_Activity_
Each record must reappear in the answer exactly as it is written.

** Opening Extracted records block **

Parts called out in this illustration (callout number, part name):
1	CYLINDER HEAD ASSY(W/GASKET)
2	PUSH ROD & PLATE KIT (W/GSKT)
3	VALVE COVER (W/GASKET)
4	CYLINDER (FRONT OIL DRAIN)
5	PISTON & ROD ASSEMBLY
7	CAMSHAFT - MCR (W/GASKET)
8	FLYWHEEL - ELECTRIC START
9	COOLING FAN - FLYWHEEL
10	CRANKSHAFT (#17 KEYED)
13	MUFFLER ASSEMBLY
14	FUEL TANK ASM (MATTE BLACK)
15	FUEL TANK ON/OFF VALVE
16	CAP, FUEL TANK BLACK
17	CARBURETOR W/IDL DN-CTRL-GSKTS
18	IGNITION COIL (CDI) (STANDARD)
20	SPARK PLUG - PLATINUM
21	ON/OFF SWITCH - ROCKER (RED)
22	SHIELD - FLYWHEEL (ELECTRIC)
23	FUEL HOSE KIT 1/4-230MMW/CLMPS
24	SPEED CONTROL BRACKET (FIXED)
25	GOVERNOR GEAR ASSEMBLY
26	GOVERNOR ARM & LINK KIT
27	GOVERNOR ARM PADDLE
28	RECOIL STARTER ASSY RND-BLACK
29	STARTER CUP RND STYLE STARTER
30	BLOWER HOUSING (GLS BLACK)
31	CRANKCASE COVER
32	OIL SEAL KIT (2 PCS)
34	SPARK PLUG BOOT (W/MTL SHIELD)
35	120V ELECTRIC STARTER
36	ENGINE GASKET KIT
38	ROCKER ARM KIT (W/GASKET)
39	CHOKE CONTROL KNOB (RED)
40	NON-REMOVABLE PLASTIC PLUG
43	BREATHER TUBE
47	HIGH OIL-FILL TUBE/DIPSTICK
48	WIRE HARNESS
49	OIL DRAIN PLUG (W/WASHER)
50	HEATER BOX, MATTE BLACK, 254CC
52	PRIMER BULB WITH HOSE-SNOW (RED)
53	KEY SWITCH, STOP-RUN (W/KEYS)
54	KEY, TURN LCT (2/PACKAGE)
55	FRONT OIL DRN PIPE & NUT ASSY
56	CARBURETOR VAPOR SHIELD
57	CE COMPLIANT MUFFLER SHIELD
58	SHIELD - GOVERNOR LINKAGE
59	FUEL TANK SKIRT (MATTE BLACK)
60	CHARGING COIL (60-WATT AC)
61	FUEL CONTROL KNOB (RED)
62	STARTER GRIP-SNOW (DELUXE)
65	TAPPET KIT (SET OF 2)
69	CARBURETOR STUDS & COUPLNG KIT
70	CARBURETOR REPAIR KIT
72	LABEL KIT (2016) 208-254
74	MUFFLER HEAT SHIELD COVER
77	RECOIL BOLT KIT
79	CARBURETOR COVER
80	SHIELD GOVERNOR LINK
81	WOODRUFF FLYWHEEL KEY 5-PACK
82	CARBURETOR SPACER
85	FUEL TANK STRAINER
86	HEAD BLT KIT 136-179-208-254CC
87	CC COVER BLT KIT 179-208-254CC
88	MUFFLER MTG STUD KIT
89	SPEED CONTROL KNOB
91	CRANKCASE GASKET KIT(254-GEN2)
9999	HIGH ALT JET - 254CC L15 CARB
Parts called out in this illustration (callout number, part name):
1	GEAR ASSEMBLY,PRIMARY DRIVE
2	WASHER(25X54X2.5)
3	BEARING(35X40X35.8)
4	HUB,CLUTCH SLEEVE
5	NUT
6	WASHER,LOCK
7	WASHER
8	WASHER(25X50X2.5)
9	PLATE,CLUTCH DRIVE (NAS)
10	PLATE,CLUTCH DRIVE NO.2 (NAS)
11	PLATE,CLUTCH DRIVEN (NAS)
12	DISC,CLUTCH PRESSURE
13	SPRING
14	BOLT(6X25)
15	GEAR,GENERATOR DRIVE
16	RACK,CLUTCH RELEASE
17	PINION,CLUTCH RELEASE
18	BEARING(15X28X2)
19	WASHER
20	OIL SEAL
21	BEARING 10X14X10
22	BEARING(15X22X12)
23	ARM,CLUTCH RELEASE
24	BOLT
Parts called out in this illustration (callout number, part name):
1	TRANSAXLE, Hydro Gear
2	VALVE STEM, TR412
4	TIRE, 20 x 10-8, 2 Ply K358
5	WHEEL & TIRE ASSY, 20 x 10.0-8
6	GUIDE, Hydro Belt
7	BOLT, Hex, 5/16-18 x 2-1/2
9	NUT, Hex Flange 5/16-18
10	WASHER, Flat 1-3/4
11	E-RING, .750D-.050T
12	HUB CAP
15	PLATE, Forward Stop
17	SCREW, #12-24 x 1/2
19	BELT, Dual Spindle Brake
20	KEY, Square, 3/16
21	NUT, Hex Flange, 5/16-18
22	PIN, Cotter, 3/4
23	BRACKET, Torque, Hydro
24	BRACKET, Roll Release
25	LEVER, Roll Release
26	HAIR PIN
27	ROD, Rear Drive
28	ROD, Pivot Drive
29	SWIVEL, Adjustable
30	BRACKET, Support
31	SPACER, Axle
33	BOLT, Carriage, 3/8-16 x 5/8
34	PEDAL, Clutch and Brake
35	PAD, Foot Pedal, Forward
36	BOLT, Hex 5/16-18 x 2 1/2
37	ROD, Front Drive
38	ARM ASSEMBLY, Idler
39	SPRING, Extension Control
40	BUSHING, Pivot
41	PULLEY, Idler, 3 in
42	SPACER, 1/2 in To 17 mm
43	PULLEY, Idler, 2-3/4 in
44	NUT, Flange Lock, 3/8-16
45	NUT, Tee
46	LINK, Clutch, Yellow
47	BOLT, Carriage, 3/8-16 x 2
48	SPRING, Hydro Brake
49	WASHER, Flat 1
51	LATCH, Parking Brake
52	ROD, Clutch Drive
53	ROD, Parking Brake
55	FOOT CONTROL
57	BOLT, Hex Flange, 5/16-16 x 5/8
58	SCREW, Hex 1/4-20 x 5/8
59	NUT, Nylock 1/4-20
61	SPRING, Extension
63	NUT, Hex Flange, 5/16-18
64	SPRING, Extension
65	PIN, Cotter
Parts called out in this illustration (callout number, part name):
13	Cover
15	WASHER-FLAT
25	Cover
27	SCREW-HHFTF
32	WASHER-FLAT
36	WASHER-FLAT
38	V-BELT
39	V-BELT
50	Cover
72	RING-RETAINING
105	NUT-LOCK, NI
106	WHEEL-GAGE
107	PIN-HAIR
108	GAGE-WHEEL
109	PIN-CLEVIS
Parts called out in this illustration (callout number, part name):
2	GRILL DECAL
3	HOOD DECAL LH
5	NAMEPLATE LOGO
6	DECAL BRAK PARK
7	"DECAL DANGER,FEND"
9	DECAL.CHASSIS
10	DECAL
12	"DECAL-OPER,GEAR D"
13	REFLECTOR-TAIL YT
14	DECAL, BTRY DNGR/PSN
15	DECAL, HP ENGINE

** Closing Extracted records block **

_Answer section_
Parts called out in this illustration (callout number, part name):
1	CYLINDER HEAD ASSY(W/GASKET)
2	PUSH ROD & PLATE KIT (W/GSKT)
3	VALVE COVER (W/GASKET)
4	CYLINDER (FRONT OIL DRAIN)
5	PISTON & ROD ASSEMBLY
7	CAMSHAFT - MCR (W/GASKET)
8	FLYWHEEL - ELECTRIC START
9	COOLING FAN - FLYWHEEL
10	CRANKSHAFT (#17 KEYED)
13	MUFFLER ASSEMBLY
14	FUEL TANK ASM (MATTE BLACK)
15	FUEL TANK ON/OFF VALVE
16	CAP, FUEL TANK BLACK
17	CARBURETOR W/IDL DN-CTRL-GSKTS
18	IGNITION COIL (CDI) (STANDARD)
20	SPARK PLUG - PLATINUM
21	ON/OFF SWITCH - ROCKER (RED)
22	SHIELD - FLYWHEEL (ELECTRIC)
23	FUEL HOSE KIT 1/4-230MMW/CLMPS
24	SPEED CONTROL BRACKET (FIXED)
25	GOVERNOR GEAR ASSEMBLY
26	GOVERNOR ARM & LINK KIT
27	GOVERNOR ARM PADDLE
28	RECOIL STARTER ASSY RND-BLACK
29	STARTER CUP RND STYLE STARTER
30	BLOWER HOUSING (GLS BLACK)
31	CRANKCASE COVER
32	OIL SEAL KIT (2 PCS)
34	SPARK PLUG BOOT (W/MTL SHIELD)
35	120V ELECTRIC STARTER
36	ENGINE GASKET KIT
38	ROCKER ARM KIT (W/GASKET)
39	CHOKE CONTROL KNOB (RED)
40	NON-REMOVABLE PLASTIC PLUG
43	BREATHER TUBE
47	HIGH OIL-FILL TUBE/DIPSTICK
48	WIRE HARNESS
49	OIL DRAIN PLUG (W/WASHER)
50	HEATER BOX, MATTE BLACK, 254CC
52	PRIMER BULB WITH HOSE-SNOW (RED)
53	KEY SWITCH, STOP-RUN (W/KEYS)
54	KEY, TURN LCT (2/PACKAGE)
55	FRONT OIL DRN PIPE & NUT ASSY
56	CARBURETOR VAPOR SHIELD
57	CE COMPLIANT MUFFLER SHIELD
58	SHIELD - GOVERNOR LINKAGE
59	FUEL TANK SKIRT (MATTE BLACK)
60	CHARGING COIL (60-WATT AC)
61	FUEL CONTROL KNOB (RED)
62	STARTER GRIP-SNOW (DELUXE)
65	TAPPET KIT (SET OF 2)
69	CARBURETOR STUDS & COUPLNG KIT
70	CARBURETOR REPAIR KIT
72	LABEL KIT (2016) 208-254
74	MUFFLER HEAT SHIELD COVER
77	RECOIL BOLT KIT
79	CARBURETOR COVER
80	SHIELD GOVERNOR LINK
81	WOODRUFF FLYWHEEL KEY 5-PACK
82	CARBURETOR SPACER
85	FUEL TANK STRAINER
86	HEAD BLT KIT 136-179-208-254CC
87	CC COVER BLT KIT 179-208-254CC
88	MUFFLER MTG STUD KIT
89	SPEED CONTROL KNOB
91	CRANKCASE GASKET KIT(254-GEN2)
9999	HIGH ALT JET - 254CC L15 CARB
Parts called out in this illustration (callout number, part name):
1	GEAR ASSEMBLY,PRIMARY DRIVE
2	WASHER(25X54X2.5)
3	BEARING(35X40X35.8)
4	HUB,CLUTCH SLEEVE
5	NUT
6	WASHER,LOCK
7	WASHER
8	WASHER(25X50X2.5)
9	PLATE,CLUTCH DRIVE (NAS)
10	PLATE,CLUTCH DRIVE NO.2 (NAS)
11	PLATE,CLUTCH DRIVEN (NAS)
12	DISC,CLUTCH PRESSURE
13	SPRING
14	BOLT(6X25)
15	GEAR,GENERATOR DRIVE
16	RACK,CLUTCH RELEASE
17	PINION,CLUTCH RELEASE
18	BEARING(15X28X2)
19	WASHER
20	OIL SEAL
21	BEARING 10X14X10
22	BEARING(15X22X12)
23	ARM,CLUTCH RELEASE
24	BOLT
Parts called out in this illustration (callout number, part name):
1	TRANSAXLE, Hydro Gear
2	VALVE STEM, TR412
4	TIRE, 20 x 10-8, 2 Ply K358
5	WHEEL & TIRE ASSY, 20 x 10.0-8
6	GUIDE, Hydro Belt
7	BOLT, Hex, 5/16-18 x 2-1/2
9	NUT, Hex Flange 5/16-18
10	WASHER, Flat 1-3/4
11	E-RING, .750D-.050T
12	HUB CAP
15	PLATE, Forward Stop
17	SCREW, #12-24 x 1/2
19	BELT, Dual Spindle Brake
20	KEY, Square, 3/16
21	NUT, Hex Flange, 5/16-18
22	PIN, Cotter, 3/4
23	BRACKET, Torque, Hydro
24	BRACKET, Roll Release
25	LEVER, Roll Release
26	HAIR PIN
27	ROD, Rear Drive
28	ROD, Pivot Drive
29	SWIVEL, Adjustable
30	BRACKET, Support
31	SPACER, Axle
33	BOLT, Carriage, 3/8-16 x 5/8
34	PEDAL, Clutch and Brake
35	PAD, Foot Pedal, Forward
36	BOLT, Hex 5/16-18 x 2 1/2
37	ROD, Front Drive
38	ARM ASSEMBLY, Idler
39	SPRING, Extension Control
40	BUSHING, Pivot
41	PULLEY, Idler, 3 in
42	SPACER, 1/2 in To 17 mm
43	PULLEY, Idler, 2-3/4 in
44	NUT, Flange Lock, 3/8-16
45	NUT, Tee
46	LINK, Clutch, Yellow
47	BOLT, Carriage, 3/8-16 x 2
48	SPRING, Hydro Brake
49	WASHER, Flat 1
51	LATCH, Parking Brake
52	ROD, Clutch Drive
53	ROD, Parking Brake
55	FOOT CONTROL
57	BOLT, Hex Flange, 5/16-16 x 5/8
58	SCREW, Hex 1/4-20 x 5/8
59	NUT, Nylock 1/4-20
61	SPRING, Extension
63	NUT, Hex Flange, 5/16-18
64	SPRING, Extension
65	PIN, Cotter
Parts called out in this illustration (callout number, part name):
13	Cover
15	WASHER-FLAT
25	Cover
27	SCREW-HHFTF
32	WASHER-FLAT
36	WASHER-FLAT
38	V-BELT
39	V-BELT
50	Cover
72	RING-RETAINING
105	NUT-LOCK, NI
106	WHEEL-GAGE
107	PIN-HAIR
108	GAGE-WHEEL
109	PIN-CLEVIS
Parts called out in this illustration (callout number, part name):
2	GRILL DECAL
3	HOOD DECAL LH
5	NAMEPLATE LOGO
6	DECAL BRAK PARK
7	"DECAL DANGER,FEND"
9	DECAL.CHASSIS
10	DECAL
12	"DECAL-OPER,GEAR D"
13	REFLECTOR-TAIL YT
14	DECAL, BTRY DNGR/PSN
15	DECAL, HP ENGINE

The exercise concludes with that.